**PROBLEM TO SOLVE:**
Return only those lines of the records below in which "part" appears.

**DATASET ENTRIES:**

──────

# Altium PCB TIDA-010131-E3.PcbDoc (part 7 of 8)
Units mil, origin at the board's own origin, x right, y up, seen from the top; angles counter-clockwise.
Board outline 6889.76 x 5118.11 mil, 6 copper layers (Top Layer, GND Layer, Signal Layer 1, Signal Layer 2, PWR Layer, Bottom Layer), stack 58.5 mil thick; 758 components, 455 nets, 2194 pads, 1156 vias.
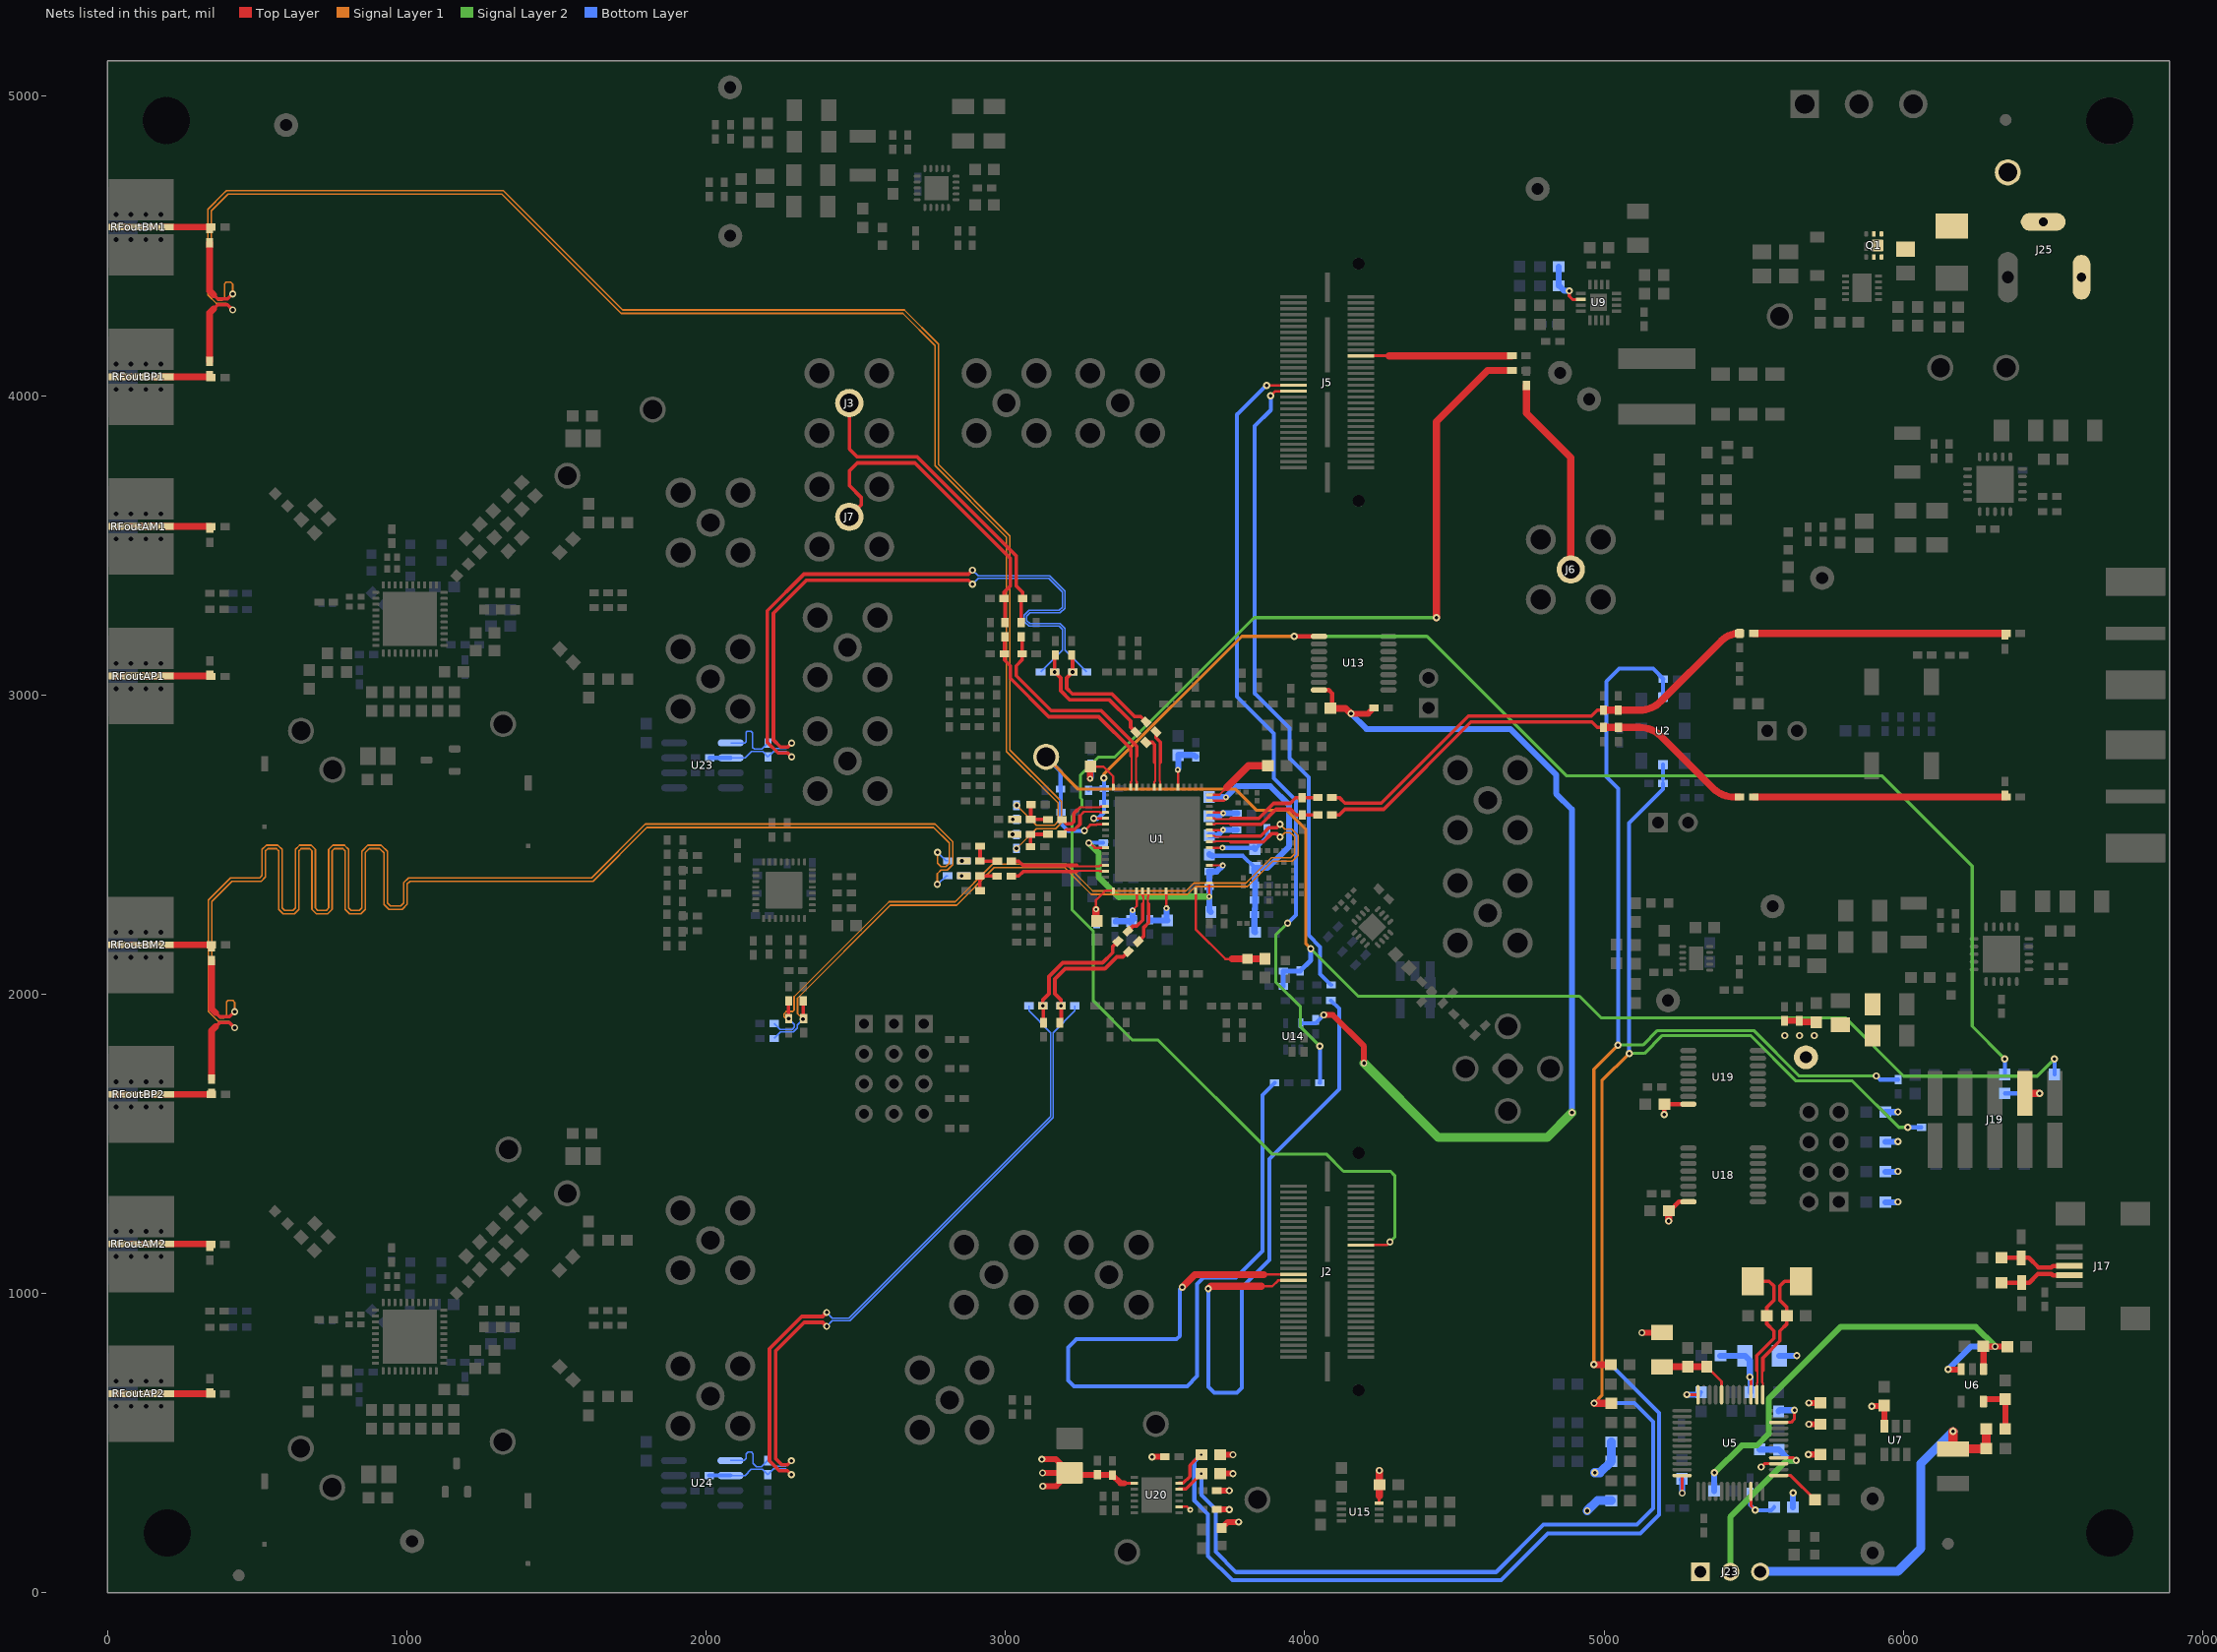
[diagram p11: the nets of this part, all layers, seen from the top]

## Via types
v1: diameter 24, hole 12, Top Layer to Bottom Layer, 726 vias
v2: diameter 32, hole 16, Top Layer to Bottom Layer, 311 vias
v3: diameter 19.68, hole 7.87, Top Layer to Bottom Layer, 117 vias
v4: diameter 25, hole 10, Top Layer to Bottom Layer, 2 vias

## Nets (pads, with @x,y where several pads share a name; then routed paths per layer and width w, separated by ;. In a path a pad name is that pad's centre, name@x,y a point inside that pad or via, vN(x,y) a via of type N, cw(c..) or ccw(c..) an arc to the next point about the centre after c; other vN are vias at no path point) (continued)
OSCI: C125.2 U5.1 Y2.1 | length 485.9
  Top Layer w7: U5.1@5530.47,661.44 5530.47,700.42 5528.13,702.76 5528.13,740.02 5530.63,742.52
  Top Layer w12: 5530.63,742.52 5530.63,784.44 5587.51,841.33 5587.51,874.73 5611.02,898.23 C125.2@5611.02,925.93 5611.02,953.63 5587.51,977.14 5587.51,1025.02 5603.43,1040.93 Y2.1@5658.22,1040.93
OSCIN+: C12.2 R38.2 R40.2 R199.2 | length 1586.9
  Top Layer w12: C12.2@4090.69,2599.1 4115.44,2599.1 4134.32,2617.98 4264.26,2617.98 4555.46,2909.18 4959.31,2909.18 4977.26,2891.22 R40.2@4998.07,2891.22
  Top Layer w24: R40.2@4998.07,2891.22 R199.2@5048.07,2891.22 5119.87,2891.22 cw(c5119.87,2791.22) 5190.58,2861.93 5364.63,2687.89 ccw(c5435.34,2758.6) 5435.34,2658.6 R38.2@5453.07,2658.6 ; R199.2@5047.07,2891.22 R199.2@5047.82,2890.79
OSCIN-: C9.2 C179.2 R34.2 R36.2 R198.2 | length 1597.3
  Top Layer w12: C9.2@4090.69,2656.86 4115.44,2656.86 4134.32,2637.98 4255.98,2637.98 4547.18,2929.18 4957.46,2929.18 4977.26,2948.98 R34.2@4998.07,2948.98
  Top Layer w24: R34.2@4998.07,2948.98 R198.2@5047.07,2948.98 5118.87,2948.98 ccw(c5118.87,3048.98) 5189.58,2978.27 5391.38,3180.07 cw(c5453.07,3118.37) C179.2@5453.07,3205.62
OSCIN_N: C9.1 C11.2 U1.44 | length 393.1
  Top Layer w7: U1.44@3681.05,2587.51 3699.37,2587.51 3701.71,2585.17 3751,2585.17 3753.5,2587.67
  Top Layer w12: 3753.5,2587.67 3846.39,2587.67 3896.4,2637.69 3952.04,2637.69 3970.41,2656.07 C11.2@3991.22,2656.07 4042.66,2656.07 C9.1@4043.45,2656.86
OSCIN_P: C12.1 C22.2 U1.43 | length 392.8
  Top Layer w7: U1.43@3681.05,2567.83 3699.37,2567.83 3701.71,2570.17 3751,2570.17 3753.5,2567.67
  Top Layer w12: 3753.5,2567.67 3854.67,2567.67 3904.69,2617.69 3953.04,2617.69 3971.41,2599.31 C22.2@3992.22,2599.31 4043.24,2599.31 C12.1@4043.45,2599.1
OSCO: C126.1 U5.2 Y2.2 | length 485.9
  Top Layer w7: 5510.63,742.52 5513.13,740.02 5513.13,702.76 5510.78,700.42 U5.2@5510.78,661.44
  Top Layer w12: Y2.2@5496.81,1040.93 5551.6,1040.93 5567.51,1025.02 5567.51,977.14 5544.01,953.63 C126.1@5544.01,925.93 5544.01,898.23 5567.51,874.73 5567.51,849.62 5510.63,792.73 5510.63,742.52
OSCOUT_N: R250.1 R265.2 R269.2 U1.41 | length 2606.1
  Top Layer w7: U1.41@3681.05,2528.46 3699.37,2528.46 3701.71,2526.12 3751,2526.12 3753.5,2528.62
  Top Layer w12: R250.1@2324.82,1977.28 2324.82,1920.03 R269.2@2326.07,1918.78 ; 3753.5,2528.62 3853.33,2528.62 3880.63,2555.91 3906.72,2555.91 v1(3917.97,2567.16)
  Signal Layer 1 w5.5: v1(2323.57,1917.16) 2305.69,1935.03 2305.69,1986.69 2616,2297 2837,2297 2962.5,2422.5 3198.24,2422.5 3287.24,2333.5 3608.5,2333.5 3619,2344 3634.75,2359.75 3808.75,2359.75 3893.5,2444.5 3958.76,2444.5 3978,2463.74 3978,2530.42 3956.76,2551.66 3933.47,2551.66 v1(3917.97,2567.16)
  Bottom Layer w4.25: R265.2@2227.56,1851.91 2249.06,1873.41 2291.21,1873.41 2304.19,1886.38 2304.19,1897.78 v1(2323.57,1917.16)
OSCOUT_P: R244.1 R263.2 R267.2 U1.40 | length 2603.9
  Top Layer w7: U1.40@3681.05,2508.77 3699.37,2508.77 3701.71,2511.12 3751,2511.12 3753.5,2508.62
  Top Layer w12: R244.1@2275.82,1977.28 2275.82,1919.03 R267.2@2276.07,1918.78 ; 3753.5,2508.62 3861.62,2508.62 3888.91,2535.91 3906.72,2535.91 v1(3917.97,2524.66)
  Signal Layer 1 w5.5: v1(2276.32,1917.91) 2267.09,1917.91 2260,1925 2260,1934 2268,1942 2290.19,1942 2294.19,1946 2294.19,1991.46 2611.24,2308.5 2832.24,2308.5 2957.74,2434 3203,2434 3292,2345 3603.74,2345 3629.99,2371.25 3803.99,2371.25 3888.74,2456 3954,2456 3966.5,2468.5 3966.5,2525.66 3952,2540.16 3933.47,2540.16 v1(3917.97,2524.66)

──────

**ANSWER SECTION:**
# Altium PCB TIDA-010131-E3.PcbDoc (part 7 of 8)
[diagram p11: the nets of this part, all layers, seen from the top]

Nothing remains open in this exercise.